Aucune idée comment coder find pour qu'il marche de la même façon que dans le terminal (j'ai essayé avec tous les types de " ' ` que je connais...
Par contre si dans le script je remplace l'option  " -newer "  par   " -mtime -1 " pour ne retenir
que les fichiers modifiés dans les 24 heures, tout marche très bien (mais justement que ceux depuis les dernières 24 heures...).

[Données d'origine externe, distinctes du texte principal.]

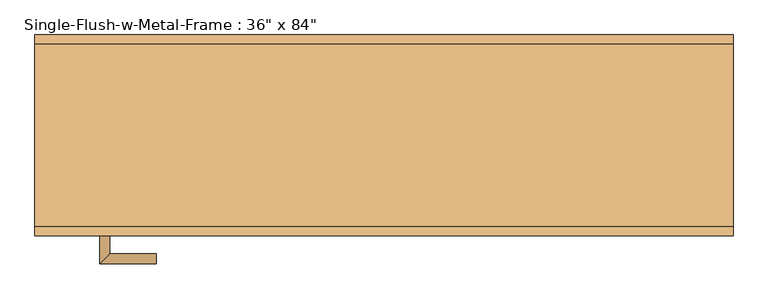
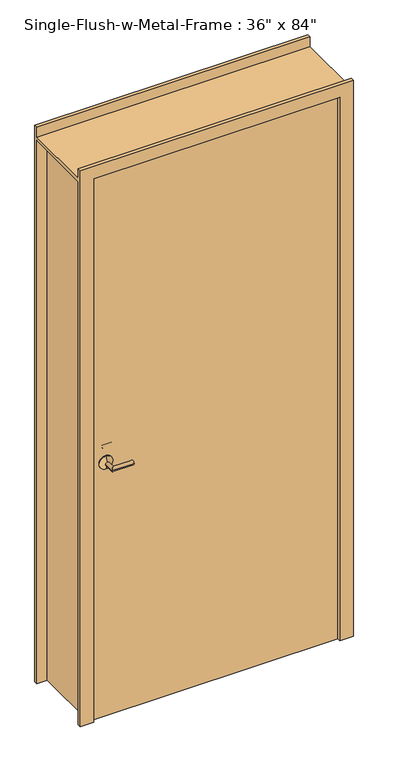
"""IFC4 building model written with IfcOpenShell, lengths in millimetres: door geometry."""

from ifc_helpers import new_model, si_unit, point, frame, origin, origin_with_axes, place, context, project, spatial, polyline, circle_curve, ellipse_curve, trimmed, outline, extrude, faceted_brep, source, transform, mapped, element, save
from ifc_brep_helpers import plane_surface, cylinder_surface, revolved_surface, advanced_brep


def door_4c242799(model_context):
    return source(origin(), model_context, "Body", "SolidModel", [
        advanced_brep(
        [(-406.4, -79.375, 971.55), (-406.4, -79.375, 1022.35), (-406.4, -70.8863821, 1004.45), (-413.9, -70.8863821, 996.95), (-406.4, -70.8863821, 989.45), (-398.9, -70.8863821, 996.95), (-406.4, -82.55, 971.55), (-406.4, -82.55, 1022.35), (-406.4, -82.55, 996.95), (-413.9, -28.95, 996.95), (-398.9, -43.95, 996.95), (-331.4, -28.95, 996.95), (-331.4, -43.95, 996.95)],
        [
            (0, 1, circle_curve(frame((-406.4, -79.375, 996.95), z_axis=(0.0, 1.0, 0.0), x_axis=(0.0, 0.0, 1.0)), 25.4)),
            (1, 2, circle_curve(frame((-406.4, -42.7707225, 1028.7458887), z_axis=(1.0, 0.0, 0.0), x_axis=(0.0, 0.0, -1.0)), 37.1588553)),
            (2, 3, circle_curve(frame((-406.4, -70.8863821, 996.95), z_axis=(0.0, -1.0, 0.0), x_axis=(0.0, 0.0, 1.0)), 7.5)),
            (3, 4, circle_curve(frame((-406.4, -70.8863821, 996.95), z_axis=(0.0, -1.0, 0.0), x_axis=(0.0, 0.0, 1.0)), 7.5)),
            (4, 0, circle_curve(frame((-406.4, -42.7707225, 965.1541113), z_axis=(1.0, 0.0, 0.0), x_axis=(0.0, 0.0, 1.0)), 37.1588553)),
            (1, 0, circle_curve(frame((-406.4, -79.375, 996.95), z_axis=(0.0, 1.0, 0.0), x_axis=(0.0, 0.0, 1.0)), 25.4)),
            (4, 5, circle_curve(frame((-406.4, -70.8863821, 996.95), z_axis=(0.0, -1.0, 0.0), x_axis=(0.0, 0.0, 1.0)), 7.5)),
            (5, 2, circle_curve(frame((-406.4, -70.8863821, 996.95), z_axis=(0.0, -1.0, 0.0), x_axis=(0.0, 0.0, 1.0)), 7.5)),
            (0, 6),
            (6, 7, circle_curve(frame((-406.4, -82.55, 996.95), z_axis=(0.0, 1.0, 0.0), x_axis=(0.0, 0.0, 1.0)), 25.4)),
            (7, 1),
            (7, 6, circle_curve(frame((-406.4, -82.55, 996.95), z_axis=(0.0, 1.0, 0.0), x_axis=(0.0, 0.0, 1.0)), 25.4)),
            (6, 8),
            (8, 7),
            (9, 10, ellipse_curve(frame((-406.4, -36.45, 996.95), z_axis=(-0.7071067811864695, -0.7071067811866254, 0.0), x_axis=(0.7071067811866254, -0.7071067811864696, 0.0)), 10.6066017, 7.5)),
            (10, 5),
            (3, 9),
            (10, 9, ellipse_curve(frame((-406.4, -36.45, 996.95), z_axis=(-0.7071067811864695, -0.7071067811866254, 0.0), x_axis=(0.7071067811866254, -0.7071067811864696, 0.0)), 10.6066017, 7.5)),
            (11, 12, circle_curve(frame((-331.4, -36.45, 996.95), z_axis=(1.0, 0.0, 0.0), x_axis=(0.0, -1.0, 0.0)), 7.5)),
            (12, 11, circle_curve(frame((-331.4, -36.45, 996.95), z_axis=(1.0, 0.0, 0.0), x_axis=(0.0, -1.0, 0.0)), 7.5)),
            (9, 11),
            (12, 10),
        ],
        [
            revolved_surface(trimmed(ellipse_curve(frame((-406.4, -42.7707225, 1028.7458887), z_axis=(-1.0, 0.0, 0.0), x_axis=(0.0, 0.0, -1.0)), 37.1588553, 37.1588553), [point((-406.4, -69.85, 1003.3))], [point((-406.4, -79.375, 1022.35))], True, "CARTESIAN"), (-406.4, -69.85, 996.95), (0.0, -1.0, 0.0)),
            cylinder_surface(frame((-406.4, -69.85, 996.95), z_axis=(0.0, -1.0, 0.0), x_axis=(0.0, 0.0, 1.0)), 25.4),
            plane_surface(frame((-406.4, -82.55, 996.95), z_axis=(0.0, -1.0, 0.0), x_axis=(0.0, 0.0, 1.0))),
            cylinder_surface(frame((-406.4, -74.55, 996.95), z_axis=(0.0, -1.0, 0.0), x_axis=(1.0, 0.0, 0.0)), 7.5),
            plane_surface(frame((-331.4, -36.45, 996.95), z_axis=(1.0, 0.0, 0.0), x_axis=(0.0, 0.0, 1.0))),
            cylinder_surface(frame((-406.4, -36.45, 996.95), z_axis=(-1.0, 0.0, 0.0), x_axis=(0.0, -1.0, 0.0)), 7.5),
        ],
        [
            (0, [[1, 2, 3, 4, 5]]),
            (0, [[6, -5, 7, 8, -2]]),
            (1, [[-1, 9, 10, 11]]),
            (1, [[-6, -11, 12, -9]]),
            (2, [[-10, 13, 14]]),
            (2, [[-12, -14, -13]]),
            (3, [[15, 16, -7, -4, 17]]),
            (3, [[18, -17, -3, -8, -16]]),
            (4, [[19, 20]]),
            (5, [[-15, 21, -20, 22]]),
            (5, [[-18, -22, -19, -21]]),
        ],
    ),
        advanced_brep(
        [(-406.4, -136.525, 971.55), (-406.4, -145.0136179, 989.45), (-413.9, -145.0136179, 996.95), (-406.4, -145.0136179, 1004.45), (-406.4, -136.525, 1022.35), (-398.9, -145.0136179, 996.95), (-406.4, -133.35, 1022.35), (-406.4, -133.35, 971.55), (-406.4, -133.35, 996.95), (-413.9, -186.95, 996.95), (-398.9, -171.95, 996.95), (-331.4, -186.95, 996.95), (-331.4, -171.95, 996.95)],
        [
            (0, 1, circle_curve(frame((-406.4, -173.1292775, 965.1541113), z_axis=(1.0, 0.0, 0.0), x_axis=(0.0, 0.0, 1.0)), 37.1588553)),
            (1, 2, circle_curve(frame((-406.4, -145.0136179, 996.95), z_axis=(0.0, 1.0, 0.0), x_axis=(0.0, 0.0, 1.0)), 7.5)),
            (2, 3, circle_curve(frame((-406.4, -145.0136179, 996.95), z_axis=(0.0, 1.0, 0.0), x_axis=(0.0, 0.0, 1.0)), 7.5)),
            (3, 4, circle_curve(frame((-406.4, -173.1292775, 1028.7458887), z_axis=(1.0, 0.0, 0.0), x_axis=(0.0, 0.0, -1.0)), 37.1588553)),
            (4, 0, circle_curve(frame((-406.4, -136.525, 996.95), z_axis=(0.0, -1.0, 0.0), x_axis=(0.0, 0.0, 1.0)), 25.4)),
            (3, 5, circle_curve(frame((-406.4, -145.0136179, 996.95), z_axis=(0.0, 1.0, 0.0), x_axis=(0.0, 0.0, 1.0)), 7.5)),
            (5, 1, circle_curve(frame((-406.4, -145.0136179, 996.95), z_axis=(0.0, 1.0, 0.0), x_axis=(0.0, 0.0, 1.0)), 7.5)),
            (0, 4, circle_curve(frame((-406.4, -136.525, 996.95), z_axis=(0.0, -1.0, 0.0), x_axis=(0.0, 0.0, 1.0)), 25.4)),
            (4, 6),
            (6, 7, circle_curve(frame((-406.4, -133.35, 996.95), z_axis=(0.0, -1.0, 0.0), x_axis=(0.0, 0.0, 1.0)), 25.4)),
            (7, 0),
            (7, 6, circle_curve(frame((-406.4, -133.35, 996.95), z_axis=(0.0, -1.0, 0.0), x_axis=(0.0, 0.0, 1.0)), 25.4)),
            (6, 8),
            (8, 7),
            (9, 2),
            (5, 10),
            (10, 9, ellipse_curve(frame((-406.4, -179.45, 996.95), z_axis=(-0.7071067811864695, 0.7071067811866254, 0.0), x_axis=(0.7071067811866254, 0.7071067811864696, 0.0)), 10.6066017, 7.5)),
            (9, 10, ellipse_curve(frame((-406.4, -179.45, 996.95), z_axis=(-0.7071067811864695, 0.7071067811866254, 0.0), x_axis=(0.7071067811866254, 0.7071067811864696, 0.0)), 10.6066017, 7.5)),
            (11, 12, circle_curve(frame((-331.4, -179.45, 996.95), z_axis=(1.0, 0.0, 0.0), x_axis=(0.0, 1.0, 0.0)), 7.5)),
            (12, 11, circle_curve(frame((-331.4, -179.45, 996.95), z_axis=(1.0, 0.0, 0.0), x_axis=(0.0, 1.0, 0.0)), 7.5)),
            (10, 12),
            (11, 9),
        ],
        [
            revolved_surface(trimmed(ellipse_curve(frame((-406.4, -173.1292775, 1028.7458887), z_axis=(1.0, 0.0, 0.0), x_axis=(0.0, 0.0, -1.0)), 37.1588553, 37.1588553), [point((-406.4, -146.05, 1003.3))], [point((-406.4, -136.525, 1022.35))], True, "CARTESIAN"), (-406.4, -146.05, 996.95), (0.0, 1.0, 0.0)),
            cylinder_surface(frame((-406.4, -146.05, 996.95), z_axis=(0.0, 1.0, 0.0), x_axis=(0.0, 0.0, 1.0)), 25.4),
            plane_surface(frame((-406.4, -133.35, 996.95), z_axis=(0.0, 1.0, 0.0), x_axis=(0.0, 0.0, 1.0))),
            cylinder_surface(frame((-406.4, -141.35, 996.95), z_axis=(0.0, 1.0, 0.0), x_axis=(1.0, 0.0, 0.0)), 7.5),
            plane_surface(frame((-331.4, -179.45, 996.95), z_axis=(1.0, 0.0, 0.0), x_axis=(0.0, 0.0, 1.0))),
            cylinder_surface(frame((-406.4, -179.45, 996.95), z_axis=(-1.0, 0.0, 0.0), x_axis=(0.0, 1.0, 0.0)), 7.5),
        ],
        [
            (0, [[1, 2, 3, 4, 5]]),
            (0, [[-4, 6, 7, -1, 8]]),
            (1, [[9, 10, 11, -5]]),
            (1, [[-11, 12, -9, -8]]),
            (2, [[13, 14, -10]]),
            (2, [[-14, -13, -12]]),
            (3, [[15, -2, -7, 16, 17]]),
            (3, [[-16, -6, -3, -15, 18]]),
            (4, [[19, 20]]),
            (5, [[21, -19, 22, -17]]),
            (5, [[-22, -20, -21, -18]]),
        ],
    ),
        extrude(outline(polyline([(457.2, -82.55), (457.2, -133.35), (-457.2, -133.35), (-457.2, -82.55), (457.2, -82.55)])), origin_with_axes(), (0.0, 0.0, 1.0), 2133.6),
        faceted_brep([(-469.9, -133.35, 0.0), (-469.9, 133.35, 0.0), (-508.0, 133.35, 0.0), (-508.0, 146.05, 0.0), (-457.2, 146.05, 0.0), (-457.2, -146.05, 0.0), (-508.0, -146.05, 0.0), (-508.0, -133.35, 0.0), (-508.0, -133.35, 2133.6), (-469.9, -133.35, 2133.6), (-508.0, -146.05, 2184.4), (-508.0, -133.35, 2184.4), (-508.0, -133.35, 2146.3), (-508.0, 133.35, 2146.3), (-508.0, 133.35, 2184.4), (-508.0, 146.05, 2184.4), (-508.0, 133.35, 2133.6), (-457.2, -146.05, 2133.6), (457.2, -146.05, 2133.6), (457.2, -146.05, 0.0), (508.0, -146.05, 0.0), (508.0, -146.05, 2184.4), (-457.2, 146.05, 2133.6), (508.0, 146.05, 2184.4), (508.0, 146.05, 0.0), (457.2, 146.05, 0.0), (457.2, 146.05, 2133.6), (-469.9, 133.35, 2133.6), (469.9, -133.35, 0.0), (508.0, -133.35, 0.0), (508.0, 133.35, 0.0), (469.9, 133.35, 0.0), (508.0, 133.35, 2146.3), (508.0, -133.35, 2146.3), (508.0, -133.35, 2184.4), (508.0, -133.35, 2133.6), (508.0, 133.35, 2133.6), (508.0, 133.35, 2184.4), (469.9, 133.35, 2133.6), (469.9, -133.35, 2133.6)], [[[0, 1, 2, 3, 4, 5, 6, 7]], [[7, 8, 9, 0]], [[6, 10, 11, 12, 13, 14, 15, 3, 2, 16, 8, 7]], [[5, 17, 18, 19, 20, 21, 10, 6]], [[4, 22, 17, 5]], [[3, 15, 23, 24, 25, 26, 22, 4]], [[1, 27, 16, 2]], [[0, 9, 27, 1]], [[19, 18, 26, 25]], [[28, 29, 20, 19, 25, 24, 30, 31]], [[32, 33, 34, 21, 20, 29, 35, 36, 30, 24, 23, 37]], [[30, 36, 38, 31]], [[28, 39, 35, 29]], [[31, 38, 39, 28]], [[37, 14, 13, 32]], [[23, 15, 14, 37]], [[16, 27, 9, 8]], [[22, 26, 18, 17]], [[35, 39, 38, 36]], [[34, 11, 10, 21]], [[33, 12, 11, 34]], [[32, 13, 12, 33]]]),
    ])


if __name__ == "__main__":
    model = new_model("IFC4")
    model_context = context("Model", 3, world=origin())
    ifc_project = project(units=[si_unit("LENGTHUNIT", "METRE", prefix="MILLI")], contexts=[model_context])
    site = spatial("IfcSite", under=ifc_project)
    building = spatial("IfcBuilding", under=site)
    placement = place(None, origin())
    door_shape = door_4c242799(model_context)
    element("IfcDoor", 1, ObjectType="Single-Flush-w-Metal-Frame : 36\" x 84\"", at=placement, inside=building, context=model_context, shape_type="MappedRepresentation", body=[
        mapped(door_shape, transform((0.0, 0.0, 0.0), x_axis=(1.0, 0.0, 0.0), y_axis=(0.0, 1.0, 0.0), z_axis=(0.0, 0.0, 1.0))),
    ])
    save(model, "model.ifc")

# Revit data of these elements
# Type "Single-Flush-w-Metal-Frame : 36\" x 84\""
#   Type Mark = "16"
#   Construction Type Id = "MDOOR"
#   Assembly Code = "C1020"
#   Analytic Construction = "Metal"
#   Thickness = 0' - 2"
#   Thermal Resistance (R) = 1.5338 (h·ft²·°F)/BTU
#   Half Width Neg = -1' - 8"
#   Half Width = 1' - 8"
#   Frame Width = 0' - 2"
#   Frame Thickness = 0' - 0 1/2"
#   Frame Head Height = 0' - 2"
#   Heat Transfer Coefficient (U) = 0.651978 BTU/(h·ft²·°F)
#   Height = 7' - 0"
#   Width = 3' - 0"
#   Define Thermal Properties by = 1
#   Define Thermal Properties by = 1
#   Door Material = Door - Panel
#   Frame Material = Door - Frame
#   Visual Light Transmittance = 0
#   Solar Heat Gain Coefficient = 0
#   Function = (empty or 0)
#   Wall Closure = (empty or 0)
# Element 1 (IfcDoor, "Single-Flush-w-Metal-Frame : 36\" x 84\"")
#   Materials on its faces: "Metal - Aluminium", "Door - Frame", "Door - Panel"
# Materials
#   "Door - Panel": class "Wood", colour RGB 210 159 95, transparency 0
#   "Door - Frame": class "Miscellaneous", colour RGB 118 70 51, transparency 0
#   "Metal - Aluminium": class "Unassigned", colour RGB 247 247 247, transparency 0

Des idées? Merci d'avance !


Ey.


Ci dessous le script complet:

#!/bin/bash
# Archivage des fichiers modifiés depuis la dernière archive

cd ~;
when=`date "+%y-%m-%d"`
source=~;
target=${1}.${when};

#création liste fichiers à archiver, ceux modifiés et crées depuis la création de liste_jour
find $source -newer "~/liste_jour"  -type f -print > ~/liste_jour_tmp

# archivage avec exclusions
tar cvzf ${target}.tar.gz --exclude-from ~/bin/exclude --exclude .DS_Store --files-from ~/liste_jour_${when} 

#on garde de coté la liste des fichiers archivés
mv liste_jour_tmp liste_jour 

#transfert sur serveur
scp ${target}.tar.gz mon_comptedistant@mon.serveur.distant:


----------



## Eymerich (5 Décembre 2005)

Le problème était simple: ne peut utiliser l'abbréviation "~" dans un script...

Voilà une correction.

Petit script pratique pour se constituer une archive datée distante des ficheirs modifiés en local depuis le dernier archivage.


#!/bin/bash
# Archivage d'une hierarchie de fichiers

cd $HOME;
when=`date "+%y-%m-%d"`
target=sauve.${when};

find $HOME -newer $HOME"/liste_jour" -type f -print > $HOME"/liste_jour_tmp"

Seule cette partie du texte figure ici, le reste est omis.